A 52 kilomètres de Bône par la route départementale, à 320 mètres d'altitude, environné de fertiles vallées, avec son air propret, coquet même, sous les frais ombrages dont ses rues et la plupart de ses habitations sont couvertes, Guelaât-Bou-Sba jouit d'une réputation de salubrité non surfaite qui justifierait la vogue de ce village comme station estivale, n'était son éloignement de la voie ferrée. L'eau potable n'y manque point en la saison même la plus chaude de l'année. Elle est renommée comme une des meilleure de la contrée. La proximité des montagnes, dont l'horizon est ceint vers l'est et le sud, explique amplement la supériorité des eaux de source qui en descendent.
Les vastes prairies, situées au nord du village entre les versants des montagnes sur une superficie de plus de 100 hectares, donnent à la campagne un aspect riant et enchanteur bien fait pour charmer l'œil du touriste et du voyageur.
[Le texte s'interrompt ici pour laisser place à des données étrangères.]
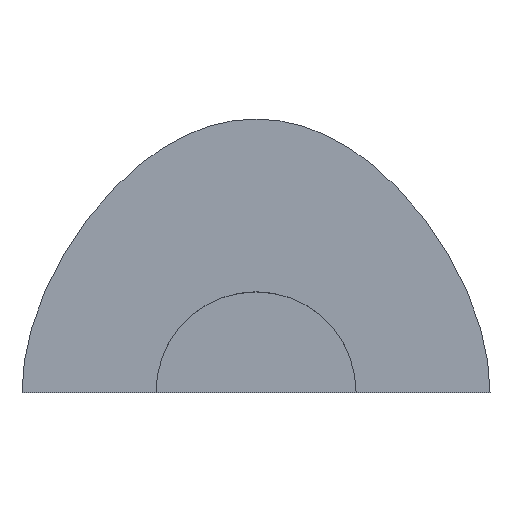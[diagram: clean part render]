
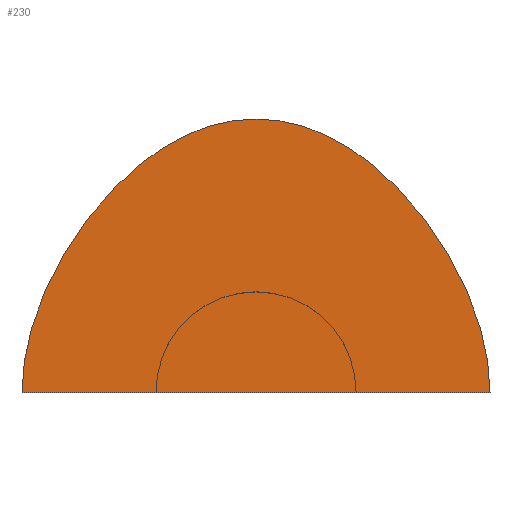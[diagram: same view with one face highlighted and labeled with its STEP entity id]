
A CAD part, top view. The second image highlights one B-rep face of the part: STEP entity #230.
In plain terms, the highlighted planar face has unit normal (0, 0, 1).
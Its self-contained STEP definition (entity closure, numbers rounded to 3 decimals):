
#193=CARTESIAN_POINT('Axis2P3D Location',(0.,55.651,0.)) ;
#198=CARTESIAN_POINT('Line Origine',(0.,0.,0.)) ;
#202=CARTESIAN_POINT('Vertex',(-117.,0.,0.)) ;
#204=CARTESIAN_POINT('Vertex',(117.,0.,0.)) ;
#208=CARTESIAN_POINT('Control Point',(0.,137.,0.)) ;
#209=CARTESIAN_POINT('Control Point',(36.032,137.,0.)) ;
#210=CARTESIAN_POINT('Control Point',(69.786,116.262,0.)) ;
#211=CARTESIAN_POINT('Control Point',(101.262,74.786,0.)) ;
#212=CARTESIAN_POINT('Control Point',(117.,36.032,0.)) ;
#213=CARTESIAN_POINT('Control Point',(117.,0.,0.)) ;
#214=CARTESIAN_POINT('Vertex',(0.,137.,0.)) ;
#218=CARTESIAN_POINT('Control Point',(0.,137.,0.)) ;
#219=CARTESIAN_POINT('Control Point',(-36.032,137.,0.)) ;
#220=CARTESIAN_POINT('Control Point',(-69.786,116.262,0.)) ;
#221=CARTESIAN_POINT('Control Point',(-101.262,74.786,0.)) ;
#222=CARTESIAN_POINT('Control Point',(-117.,36.032,0.)) ;
#223=CARTESIAN_POINT('Control Point',(-117.,0.,0.)) ;
#194=DIRECTION('Axis2P3D Direction',(0.,0.,1.)) ;
#195=DIRECTION('Axis2P3D XDirection',(1.,0.,0.)) ;
#199=DIRECTION('Vector Direction',(1.,0.,0.)) ;
#196=AXIS2_PLACEMENT_3D('Plane Axis2P3D',#193,#194,#195) ;
#226=ORIENTED_EDGE('',*,*,#206,.T.) ;
#227=ORIENTED_EDGE('',*,*,#216,.T.) ;
#228=ORIENTED_EDGE('',*,*,#224,.T.) ;
#200=VECTOR('Line Direction',#199,1.) ;
#230=ADVANCED_FACE('Fill.1',(#229),#197,.T.) ;
#207=B_SPLINE_CURVE_WITH_KNOTS('',5,(#208,#209,#210,#211,#212,#213),.UNSPECIFIED.,.F.,.U.,(6,6),(0.,180.161),.UNSPECIFIED.) ;
#217=B_SPLINE_CURVE_WITH_KNOTS('',5,(#218,#219,#220,#221,#222,#223),.UNSPECIFIED.,.F.,.U.,(6,6),(0.,180.161),.UNSPECIFIED.) ;
#206=EDGE_CURVE('',#203,#205,#201,.T.) ;
#216=EDGE_CURVE('',#205,#215,#207,.F.) ;
#224=EDGE_CURVE('',#215,#203,#217,.T.) ;
#225=EDGE_LOOP('',(#226,#227,#228)) ;
#229=FACE_OUTER_BOUND('',#225,.T.) ;
#201=LINE('Line',#198,#200) ;
#197=PLANE('',#196) ;
#203=VERTEX_POINT('',#202) ;
#205=VERTEX_POINT('',#204) ;
#215=VERTEX_POINT('',#214) ;

Vers les vallées de l'oued Sba et de l'oued Berda, au sud, et au pied du Djebel Aouara, s'étendent de vastes olivettes occupant 230 hectares, dont 80 d'oliviers greffés et en plein rapport.
La contrée produit aussi un vin de coteau de qualité supérieure, titrant de 11 à 12° et produit par différents vignobles occupant 63 hectares de superficie et parmi lesquels on doit mentionner le vignoble Boivin, dont la cave est une des principales constructions du village. Parmi les propriétés et les fermes des environs ayant une certaine importance, on peut signaler celles de MM. Aman, Bailleul, Bourger, Kiefer, Messerschmitt, Pailhès, de Bône, Rudmann frères, Thomas.
La population totale de la commune s'élève à 1375 habitants, dont 178 Français formant une agglomération de 44 feux et 1193 indigènes épars dans la campagne ou réunis en deux douars, les Béni-Aouara et les Béni-Mouelfa.
Lorsqu'on grimpe au-dessus du village, par l'un des boulevards qui l'enserrent de chaque côté et lui font une verdoyante ceinture d'arbres, le boulevard du Nord, on a sur toute la contrée une ravissante vue.
Les montagnes, dont les cimes, le Fedj Mouelfa au nord-ouest, le Fédjoudj au nord-est, le Kef-Drader, le Kef-el-Gueubousa à l'est, découpent sur l'horizon de pittoresques dentelures, en plein azur, forment autour du village un gigantesque entonnoir dont le fond, mollement arrondi, est couvert de vertes prairies où paissent les troupeaux, dont l'élevage est une des principales ressources des colons de l'endroit avec les vergers et les potagers, où ils cultivent les principaux fruits et légumes des climats tempérés.
Puis, vers le sud ouest, ces mêmes montagnes, par une immense tranchée, laissent entrevoir, avec, ça et là, des oasis de verdure formées par les fermes isolées Bailleul et Thomas, au milieu d'une exubérante végétation de lentisques, de myrtes et de tamarins, la plantureuse vallée de la Seybouse, sur les bords de laquelle s'élèvent Guelma et Héliopolis, plutôt devinés derrière les bourrelets de collines que la Mahouna domine de toute son imposante stature comme une sultane au milieu de sa cour agenouillée.